* **Work instruction**: From the records below, report the number of lines that contain "format", and add nothing.
********
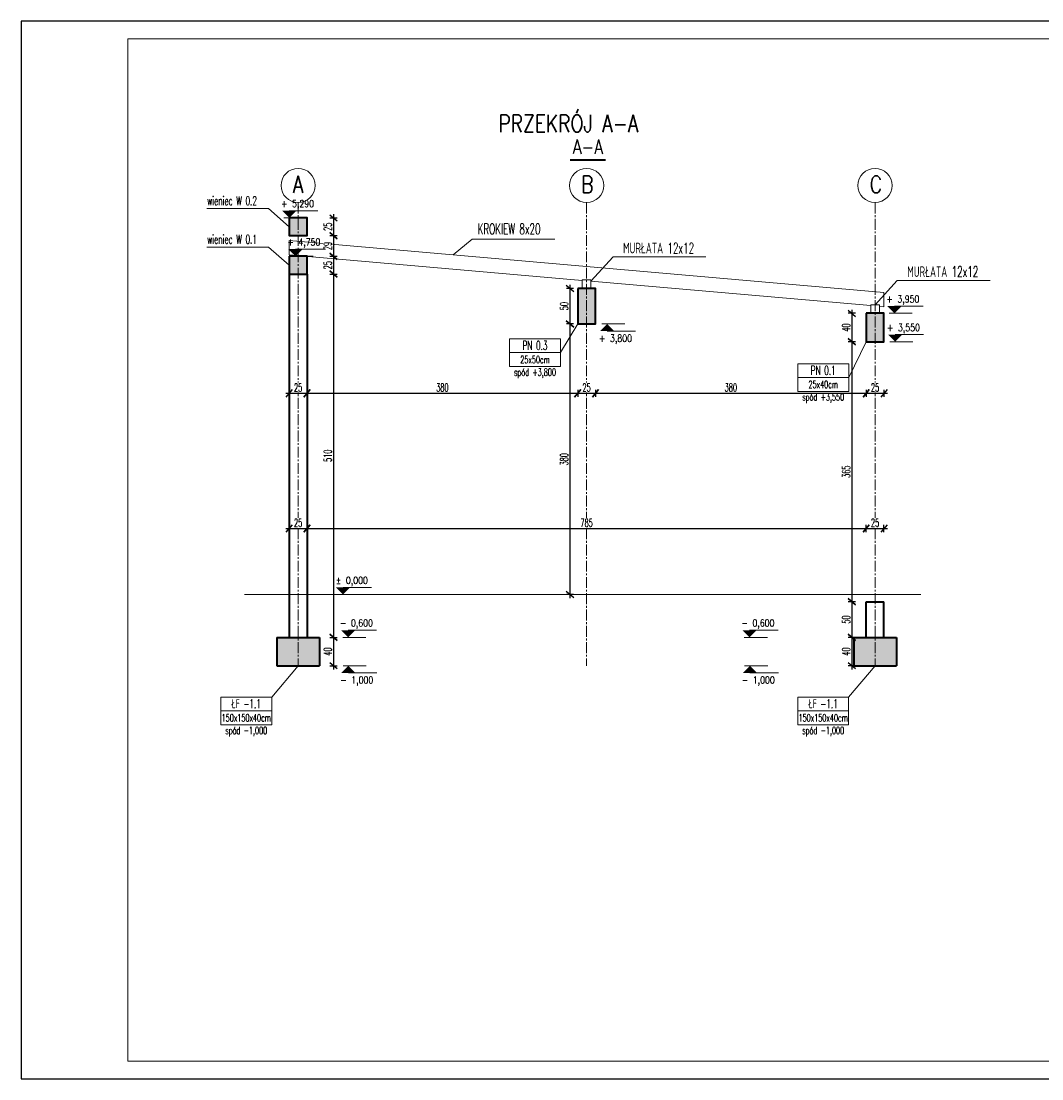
# Model space of a CAD drawing. Header units: centimetres. Extents: x 125945 to 146944, y 20629 to 31773.
# Tile 4 of 80: x 125945 to 127378, y 22758 to 24243. Entities that reach past the tile are written whole.
import ezdxf
from ezdxf.enums import TextEntityAlignment as Align

# ---------------------------------------------------------------- set-up
doc = ezdxf.new("R2010")
doc.units = ezdxf.units.CM
doc.linetypes.add('CENTER2', pattern=[28.575, 19.05, -3.175, 3.175, -3.175])
for name, color, linetype, lineweight in [('e-cad_cienkie', 88, 'Continuous', 15), ('e-cad_opisy', 7, 'Continuous', 15), ('e-cad_osie', 172, 'CENTER2', 9), ('e-cad_wymiary', 66, 'Continuous', 15), ('e-cad_wypelnienia', 254, 'Continuous', 9), ('K- OPISY', 40, 'Continuous', 15), ('K-DREWNO', 36, 'Continuous', 20), ('K-FUNDAMENTY', 44, 'Continuous', 35), ('K-ŚCIANY KONSTRUKCYJNE', 16, 'Continuous', 35), ('K-ŻELBET', 204, 'Continuous', 35)]:
    doc.layers.add(name, color=color, linetype=linetype, lineweight=lineweight)
doc.styles.add('e-cad_1', font='simplex.shx', dxfattribs={"width": 0.6})
doc.styles.add('e-cad_2', font='simplex.shx', dxfattribs={"width": 0.8})
doc.styles.add('simpl', font='simplex.shx', dxfattribs={"width": 0.6})
doc.dimstyles.new('e-cad_1_50_[cm]', dxfattribs={"dimscale": 5, "dimtxt": 2.25, "dimasz": 1.75, "dimexe": 1, "dimexo": 0, "dimgap": 0.5, "dimtad": 1, "dimdec": 1, "dimrnd": 0.5, "dimdsep": 46, "dimtxsty": 'simpl', "dimblk": 'OBLIQUE', "dimcen": 0, "dimdle": 1, "dimclrd": 256, "dimclre": 256, "dimclrt": 256, "dimadec": 0, "dimazin": 0, "dimtfac": 1, "dimtdec": 1, "dimtix": 1, "dimtmove": 2, "dimatfit": 3, "dimldrblk": 'OBLIQUE', "dimfxl": 1, "dimfxlon": 1, "dimtfill": 1, "dimarcsym": 0})

# ---------------------------------------------------------------- blocks, each defined once
blk = doc.blocks.new('e-cad_kota_2')
blk.add_line((0, 2), (8, 2))
blk.add_lwpolyline([(0, 0, 0, 4, 0), (0, 2, 4, 4, 0)], format="xyseb")
at = {"style": 'e-cad_1', "width": 0.8}
blk.add_attdef('ZNAK', text='', height=2, dxfattribs=at).set_placement((-0.5, 3), align=Align.RIGHT)
blk.add_attdef('RZEDNA', (0.8, 3), '', height=2, dxfattribs=at)
blk = doc.blocks.new('e-cad_kota_2_1')
blk.add_line((0, -2), (8, -2))
blk.add_lwpolyline([(0, 0, 0, 4, 0), (0, -2, 4, 4, 0)], format="xyseb")
at = {"style": 'e-cad_1', "width": 0.8}
blk.add_attdef('ZNAK', text='', height=2, dxfattribs=at).set_placement((-0.5, -5), align=Align.RIGHT)
blk.add_attdef('RZEDNA', (0.8, -5), '', height=2, dxfattribs=at)
blk = doc.blocks.new('_Oblique')
at = {"color": 0, "linetype": 'ByBlock', "lineweight": -2}
blk.add_line((0.5, 0.6), (-0.5, -0.6), dxfattribs=at)
blk = doc.blocks.new('*D3919')
at = {"layer": 'Defpoints', "color": 0}
for p in [(126321.2, 23516.3), (126346.2, 23516.3)]:
    blk.add_point(p, dxfattribs=at)
at = {"layer": 'e-cad_wymiary', "lineweight": -2, "ltscale": 2}
for p, q in [((126316.2, 23530.6), (126351.2, 23530.6)), ((126321.2, 23525.6), (126321.2, 23535.6)), ((126346.2, 23525.6), (126346.2, 23535.6))]:
    blk.add_line(p, q, dxfattribs=at)
at = {"layer": 'e-cad_wymiary', "lineweight": -2, "xscale": 8.75, "yscale": 8.75, "zscale": 8.75, "rotation": 180}
blk.add_blockref('_Oblique', (126321.2, 23530.6), dxfattribs=at)
at = {"layer": 'e-cad_wymiary', "lineweight": -2, "xscale": 8.75, "yscale": 8.75, "zscale": 8.75}
blk.add_blockref('_Oblique', (126346.2, 23530.6), dxfattribs=at)
at = {"layer": 'e-cad_wymiary', "ltscale": 2, "insert": (126333.7, 23538.7), "char_height": 11.25, "attachment_point": 5, "style": 'simpl', "bg_fill": 3, "box_fill_scale": 1.1, "bg_fill_color": 256, "bg_fill_true_color": 13158600, "bg_fill_transparency": 0}
blk.add_mtext('25', dxfattribs=at)
at = {"layer": 'Defpoints', "color": 0}
blk.add_point((126346.2, 23530.6), dxfattribs=at)
blk = doc.blocks.new('*D3920')
at = {"layer": 'Defpoints', "color": 0}
for p in [(127131.2, 23530.6), (126346.2, 23516.3), (127131.2, 23427.8)]:
    blk.add_point(p, dxfattribs=at)
at = {"layer": 'e-cad_wymiary', "lineweight": -2, "ltscale": 2}
for p, q in [((126341.2, 23530.6), (127136.2, 23530.6)), ((126346.2, 23525.6), (126346.2, 23535.6)), ((127131.2, 23525.6), (127131.2, 23535.6))]:
    blk.add_line(p, q, dxfattribs=at)
at = {"layer": 'e-cad_wymiary', "lineweight": -2, "xscale": 8.75, "yscale": 8.75, "zscale": 8.75, "rotation": 180}
blk.add_blockref('_Oblique', (126346.2, 23530.6), dxfattribs=at)
at = {"layer": 'e-cad_wymiary', "lineweight": -2, "xscale": 8.75, "yscale": 8.75, "zscale": 8.75}
blk.add_blockref('_Oblique', (127131.2, 23530.6), dxfattribs=at)
at = {"layer": 'e-cad_wymiary', "ltscale": 2, "insert": (126738.7, 23538.7), "char_height": 11.25, "attachment_point": 5, "style": 'simpl', "bg_fill": 3, "box_fill_scale": 1.1, "bg_fill_color": 256, "bg_fill_true_color": 13158600, "bg_fill_transparency": 0}
blk.add_mtext('785', dxfattribs=at)
blk = doc.blocks.new('*D3921')
at = {"layer": 'Defpoints', "color": 0}
for p in [(127131.2, 23427.8), (127156.2, 23427.8)]:
    blk.add_point(p, dxfattribs=at)
at = {"layer": 'e-cad_wymiary', "lineweight": -2, "ltscale": 2}
for p, q in [((127126.2, 23530.6), (127161.2, 23530.6)), ((127131.2, 23525.6), (127131.2, 23535.6)), ((127156.2, 23525.6), (127156.2, 23535.6))]:
    blk.add_line(p, q, dxfattribs=at)
at = {"layer": 'e-cad_wymiary', "lineweight": -2, "xscale": 8.75, "yscale": 8.75, "zscale": 8.75, "rotation": 180}
blk.add_blockref('_Oblique', (127131.2, 23530.6), dxfattribs=at)
at = {"layer": 'e-cad_wymiary', "lineweight": -2, "xscale": 8.75, "yscale": 8.75, "zscale": 8.75}
blk.add_blockref('_Oblique', (127156.2, 23530.6), dxfattribs=at)
at = {"layer": 'e-cad_wymiary', "ltscale": 2, "insert": (127143.7, 23538.7), "char_height": 11.25, "attachment_point": 5, "style": 'simpl', "bg_fill": 3, "box_fill_scale": 1.1, "bg_fill_color": 256, "bg_fill_true_color": 13158600, "bg_fill_transparency": 0}
blk.add_mtext('25', dxfattribs=at)
at = {"layer": 'Defpoints', "color": 0}
blk.add_point((127156.2, 23530.6), dxfattribs=at)
blk = doc.blocks.new('*D3922')
at = {"layer": 'Defpoints', "color": 0}
for p in [(127131.2, 23832.8), (127111.1, 23792.8), (127131.2, 23792.8)]:
    blk.add_point(p, dxfattribs=at)
at = {"layer": 'e-cad_wymiary', "lineweight": -2, "ltscale": 2}
for p, q in [((127111.1, 23837.8), (127111.1, 23787.8)), ((127116.1, 23832.8), (127106.1, 23832.8)), ((127116.1, 23792.8), (127106.1, 23792.8))]:
    blk.add_line(p, q, dxfattribs=at)
at = {"layer": 'e-cad_wymiary', "lineweight": -2, "xscale": 8.75, "yscale": 8.75, "zscale": 8.75}
for p, rotation in [((127111.1, 23832.8), 90), ((127111.1, 23792.8), 270)]:
    blk.add_blockref('_Oblique', p, dxfattribs=dict(at, rotation=rotation))
at = {"layer": 'e-cad_wymiary', "ltscale": 2, "insert": (127103, 23812.8), "char_height": 11.25, "attachment_point": 5, "rotation": 90, "style": 'simpl', "bg_fill": 3, "box_fill_scale": 1.1, "bg_fill_color": 256, "bg_fill_true_color": 13158600, "bg_fill_transparency": 0}
blk.add_mtext('40', dxfattribs=at)
blk = doc.blocks.new('*D3923')
at = {"layer": 'Defpoints', "color": 0}
for p in [(127131.2, 23792.8), (127111.1, 23427.8), (127131.2, 23427.8)]:
    blk.add_point(p, dxfattribs=at)
at = {"layer": 'e-cad_wymiary', "lineweight": -2, "ltscale": 2}
for p, q in [((127116.1, 23792.8), (127106.1, 23792.8)), ((127111.1, 23797.8), (127111.1, 23422.8)), ((127116.1, 23427.8), (127106.1, 23427.8))]:
    blk.add_line(p, q, dxfattribs=at)
at = {"layer": 'e-cad_wymiary', "lineweight": -2, "xscale": 8.75, "yscale": 8.75, "zscale": 8.75}
for p, rotation in [((127111.1, 23792.8), 90), ((127111.1, 23427.8), 270)]:
    blk.add_blockref('_Oblique', p, dxfattribs=dict(at, rotation=rotation))
at = {"layer": 'e-cad_wymiary', "ltscale": 2, "insert": (127103, 23610.3), "char_height": 11.25, "attachment_point": 5, "rotation": 90, "style": 'simpl', "bg_fill": 3, "box_fill_scale": 1.1, "bg_fill_color": 256, "bg_fill_true_color": 13158600, "bg_fill_transparency": 0}
blk.add_mtext('365', dxfattribs=at)
blk = doc.blocks.new('*D3924')
at = {"layer": 'Defpoints', "color": 0}
for p in [(127131.2, 23427.8), (127111.1, 23377.8), (127131.2, 23377.8)]:
    blk.add_point(p, dxfattribs=at)
at = {"layer": 'e-cad_wymiary', "lineweight": -2, "ltscale": 2}
for p, q in [((127116.1, 23427.8), (127106.1, 23427.8)), ((127111.1, 23432.8), (127111.1, 23372.8)), ((127116.1, 23377.8), (127106.1, 23377.8))]:
    blk.add_line(p, q, dxfattribs=at)
at = {"layer": 'e-cad_wymiary', "lineweight": -2, "xscale": 8.75, "yscale": 8.75, "zscale": 8.75}
for p, rotation in [((127111.1, 23427.8), 90), ((127111.1, 23377.8), 270)]:
    blk.add_blockref('_Oblique', p, dxfattribs=dict(at, rotation=rotation))
at = {"layer": 'e-cad_wymiary', "ltscale": 2, "insert": (127103, 23402.8), "char_height": 11.25, "attachment_point": 5, "rotation": 90, "style": 'simpl', "bg_fill": 3, "box_fill_scale": 1.1, "bg_fill_color": 256, "bg_fill_true_color": 13158600, "bg_fill_transparency": 0}
blk.add_mtext('50', dxfattribs=at)
blk = doc.blocks.new('*D3925')
at = {"layer": 'Defpoints', "color": 0}
for p in [(127131.2, 23377.8), (127111.1, 23337.8), (127123.7, 23337.8)]:
    blk.add_point(p, dxfattribs=at)
at = {"layer": 'e-cad_wymiary', "lineweight": -2, "ltscale": 2}
for p, q in [((127116.1, 23377.8), (127106.1, 23377.8)), ((127111.1, 23382.8), (127111.1, 23332.8)), ((127116.1, 23337.8), (127106.1, 23337.8))]:
    blk.add_line(p, q, dxfattribs=at)
at = {"layer": 'e-cad_wymiary', "lineweight": -2, "xscale": 8.75, "yscale": 8.75, "zscale": 8.75}
for p, rotation in [((127111.1, 23377.8), 90), ((127111.1, 23337.8), 270)]:
    blk.add_blockref('_Oblique', p, dxfattribs=dict(at, rotation=rotation))
at = {"layer": 'e-cad_wymiary', "ltscale": 2, "insert": (127103, 23357.8), "char_height": 11.25, "attachment_point": 5, "rotation": 90, "style": 'simpl', "bg_fill": 3, "box_fill_scale": 1.1, "bg_fill_color": 256, "bg_fill_true_color": 13158600, "bg_fill_transparency": 0}
blk.add_mtext('40', dxfattribs=at)
blk = doc.blocks.new('*D3926')
at = {"layer": 'Defpoints', "color": 0}
for p in [(126726.2, 23867.8), (126715.3, 23817.8), (126726.2, 23817.8)]:
    blk.add_point(p, dxfattribs=at)
at = {"layer": 'e-cad_wymiary', "lineweight": -2, "ltscale": 2}
for p, q in [((126720.3, 23867.8), (126710.3, 23867.8)), ((126715.3, 23872.8), (126715.3, 23812.8)), ((126720.3, 23817.8), (126710.3, 23817.8))]:
    blk.add_line(p, q, dxfattribs=at)
at = {"layer": 'e-cad_wymiary', "lineweight": -2, "xscale": 8.75, "yscale": 8.75, "zscale": 8.75}
for p, rotation in [((126715.3, 23867.8), 90), ((126715.3, 23817.8), 270)]:
    blk.add_blockref('_Oblique', p, dxfattribs=dict(at, rotation=rotation))
at = {"layer": 'e-cad_wymiary', "ltscale": 2, "insert": (126707.2, 23842.8), "char_height": 11.25, "attachment_point": 5, "rotation": 90, "style": 'simpl', "bg_fill": 3, "box_fill_scale": 1.1, "bg_fill_color": 256, "bg_fill_true_color": 13158600, "bg_fill_transparency": 0}
blk.add_mtext('50', dxfattribs=at)
blk = doc.blocks.new('*D3927')
at = {"layer": 'Defpoints', "color": 0}
for p in [(126726.2, 23817.8), (126715.3, 23437.8), (126733.2, 23437.8)]:
    blk.add_point(p, dxfattribs=at)
at = {"layer": 'e-cad_wymiary', "lineweight": -2, "ltscale": 2}
for p, q in [((126715.3, 23822.8), (126715.3, 23432.8)), ((126720.3, 23817.8), (126710.3, 23817.8)), ((126720.3, 23437.8), (126710.3, 23437.8))]:
    blk.add_line(p, q, dxfattribs=at)
at = {"layer": 'e-cad_wymiary', "lineweight": -2, "xscale": 8.75, "yscale": 8.75, "zscale": 8.75}
for p, rotation in [((126715.3, 23817.8), 90), ((126715.3, 23437.8), 270)]:
    blk.add_blockref('_Oblique', p, dxfattribs=dict(at, rotation=rotation))
at = {"layer": 'e-cad_wymiary', "ltscale": 2, "insert": (126707.2, 23627.8), "char_height": 11.25, "attachment_point": 5, "rotation": 90, "style": 'simpl', "bg_fill": 3, "box_fill_scale": 1.1, "bg_fill_color": 256, "bg_fill_true_color": 13158600, "bg_fill_transparency": 0}
blk.add_mtext('380', dxfattribs=at)
blk = doc.blocks.new('*D3928')
at = {"layer": 'Defpoints', "color": 0}
for p in [(126346.2, 23966.8), (126346.2, 23941.8)]:
    blk.add_point(p, dxfattribs=at)
at = {"layer": 'e-cad_wymiary', "lineweight": -2, "ltscale": 2}
for p, q in [((126383.3, 23971.8), (126383.3, 23936.8)), ((126378.3, 23966.8), (126388.3, 23966.8)), ((126378.3, 23941.8), (126388.3, 23941.8))]:
    blk.add_line(p, q, dxfattribs=at)
at = {"layer": 'e-cad_wymiary', "lineweight": -2, "xscale": 8.75, "yscale": 8.75, "zscale": 8.75}
for p, rotation in [((126383.3, 23966.8), 90), ((126383.3, 23941.8), 270)]:
    blk.add_blockref('_Oblique', p, dxfattribs=dict(at, rotation=rotation))
at = {"layer": 'e-cad_wymiary', "ltscale": 2, "insert": (126375.2, 23954.3), "char_height": 11.25, "attachment_point": 5, "rotation": 90, "style": 'simpl', "bg_fill": 3, "box_fill_scale": 1.1, "bg_fill_color": 256, "bg_fill_true_color": 13158600, "bg_fill_transparency": 0}
blk.add_mtext('25', dxfattribs=at)
at = {"layer": 'Defpoints', "color": 0}
blk.add_point((126383.3, 23941.8), dxfattribs=at)
blk = doc.blocks.new('*D3929')
at = {"layer": 'Defpoints', "color": 0}
for p in [(126346.2, 23941.8), (126346.2, 23912.8)]:
    blk.add_point(p, dxfattribs=at)
at = {"layer": 'e-cad_wymiary', "lineweight": -2, "ltscale": 2}
for p, q in [((126378.3, 23941.8), (126388.3, 23941.8)), ((126383.3, 23946.8), (126383.3, 23907.8)), ((126378.3, 23912.8), (126388.3, 23912.8))]:
    blk.add_line(p, q, dxfattribs=at)
at = {"layer": 'e-cad_wymiary', "lineweight": -2, "xscale": 8.75, "yscale": 8.75, "zscale": 8.75}
for p, rotation in [((126383.3, 23941.8), 90), ((126383.3, 23912.8), 270)]:
    blk.add_blockref('_Oblique', p, dxfattribs=dict(at, rotation=rotation))
at = {"layer": 'e-cad_wymiary', "ltscale": 2, "insert": (126375.2, 23927.3), "char_height": 11.25, "attachment_point": 5, "rotation": 90, "style": 'simpl', "bg_fill": 3, "box_fill_scale": 1.1, "bg_fill_color": 256, "bg_fill_true_color": 13158600, "bg_fill_transparency": 0}
blk.add_mtext('29', dxfattribs=at)
at = {"layer": 'Defpoints', "color": 0}
blk.add_point((126383.3, 23912.8), dxfattribs=at)
blk = doc.blocks.new('*D3930')
at = {"layer": 'Defpoints', "color": 0}
for p in [(126346.2, 23912.8), (126346.2, 23887.8)]:
    blk.add_point(p, dxfattribs=at)
at = {"layer": 'e-cad_wymiary', "lineweight": -2, "ltscale": 2}
for p, q in [((126378.3, 23912.8), (126388.3, 23912.8)), ((126383.3, 23917.8), (126383.3, 23882.8)), ((126378.3, 23887.8), (126388.3, 23887.8))]:
    blk.add_line(p, q, dxfattribs=at)
at = {"layer": 'e-cad_wymiary', "lineweight": -2, "xscale": 8.75, "yscale": 8.75, "zscale": 8.75}
for p, rotation in [((126383.3, 23912.8), 90), ((126383.3, 23887.8), 270)]:
    blk.add_blockref('_Oblique', p, dxfattribs=dict(at, rotation=rotation))
at = {"layer": 'e-cad_wymiary', "ltscale": 2, "insert": (126375.2, 23900.3), "char_height": 11.25, "attachment_point": 5, "rotation": 90, "style": 'simpl', "bg_fill": 3, "box_fill_scale": 1.1, "bg_fill_color": 256, "bg_fill_true_color": 13158600, "bg_fill_transparency": 0}
blk.add_mtext('25', dxfattribs=at)
at = {"layer": 'Defpoints', "color": 0}
blk.add_point((126383.3, 23887.8), dxfattribs=at)
blk = doc.blocks.new('*D3931')
at = {"layer": 'Defpoints', "color": 0}
for p in [(126346.2, 23887.8), (126363.7, 23377.8), (126383.3, 23377.8)]:
    blk.add_point(p, dxfattribs=at)
at = {"layer": 'e-cad_wymiary', "lineweight": -2, "ltscale": 2}
for p, q in [((126378.3, 23887.8), (126388.3, 23887.8)), ((126383.3, 23892.8), (126383.3, 23372.8)), ((126378.3, 23377.8), (126388.3, 23377.8))]:
    blk.add_line(p, q, dxfattribs=at)
at = {"layer": 'e-cad_wymiary', "lineweight": -2, "xscale": 8.75, "yscale": 8.75, "zscale": 8.75}
for p, rotation in [((126383.3, 23887.8), 90), ((126383.3, 23377.8), 270)]:
    blk.add_blockref('_Oblique', p, dxfattribs=dict(at, rotation=rotation))
at = {"layer": 'e-cad_wymiary', "ltscale": 2, "insert": (126375.2, 23632.8), "char_height": 11.25, "attachment_point": 5, "rotation": 90, "style": 'simpl', "bg_fill": 3, "box_fill_scale": 1.1, "bg_fill_color": 256, "bg_fill_true_color": 13158600, "bg_fill_transparency": 0}
blk.add_mtext('510', dxfattribs=at)
blk = doc.blocks.new('*D3932')
at = {"layer": 'Defpoints', "color": 0}
for p in [(126363.7, 23377.8), (126363.7, 23337.8), (126383.3, 23337.8)]:
    blk.add_point(p, dxfattribs=at)
at = {"layer": 'e-cad_wymiary', "lineweight": -2, "ltscale": 2}
for p, q in [((126378.3, 23377.8), (126388.3, 23377.8)), ((126383.3, 23382.8), (126383.3, 23332.8)), ((126378.3, 23337.8), (126388.3, 23337.8))]:
    blk.add_line(p, q, dxfattribs=at)
at = {"layer": 'e-cad_wymiary', "lineweight": -2, "xscale": 8.75, "yscale": 8.75, "zscale": 8.75}
for p, rotation in [((126383.3, 23377.8), 90), ((126383.3, 23337.8), 270)]:
    blk.add_blockref('_Oblique', p, dxfattribs=dict(at, rotation=rotation))
at = {"layer": 'e-cad_wymiary', "ltscale": 2, "insert": (126375.2, 23357.8), "char_height": 11.25, "attachment_point": 5, "rotation": 90, "style": 'simpl', "bg_fill": 3, "box_fill_scale": 1.1, "bg_fill_color": 256, "bg_fill_true_color": 13158600, "bg_fill_transparency": 0}
blk.add_mtext('40', dxfattribs=at)
blk = doc.blocks.new('*D3933')
at = {"layer": 'Defpoints', "color": 0}
for p in [(126726.2, 23867.8), (126346.2, 23807.2), (126726.2, 23720.5)]:
    blk.add_point(p, dxfattribs=at)
at = {"layer": 'e-cad_wymiary', "lineweight": -2, "ltscale": 2}
for p, q in [((126341.2, 23720.5), (126731.2, 23720.5)), ((126346.2, 23725.5), (126346.2, 23715.5)), ((126726.2, 23725.5), (126726.2, 23715.5))]:
    blk.add_line(p, q, dxfattribs=at)
at = {"layer": 'e-cad_wymiary', "lineweight": -2, "xscale": 8.75, "yscale": 8.75, "zscale": 8.75, "rotation": 180}
blk.add_blockref('_Oblique', (126346.2, 23720.5), dxfattribs=at)
at = {"layer": 'e-cad_wymiary', "lineweight": -2, "xscale": 8.75, "yscale": 8.75, "zscale": 8.75}
blk.add_blockref('_Oblique', (126726.2, 23720.5), dxfattribs=at)
at = {"layer": 'e-cad_wymiary', "ltscale": 2, "insert": (126536.2, 23728.6), "char_height": 11.25, "attachment_point": 5, "style": 'simpl', "bg_fill": 3, "box_fill_scale": 1.1, "bg_fill_color": 256, "bg_fill_true_color": 13158600, "bg_fill_transparency": 0}
blk.add_mtext('380', dxfattribs=at)
blk = doc.blocks.new('*D3934')
at = {"layer": 'Defpoints', "color": 0}
for p in [(126726.2, 23867.8), (126751.2, 23817.8)]:
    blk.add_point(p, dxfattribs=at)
********
* **Response below**: 2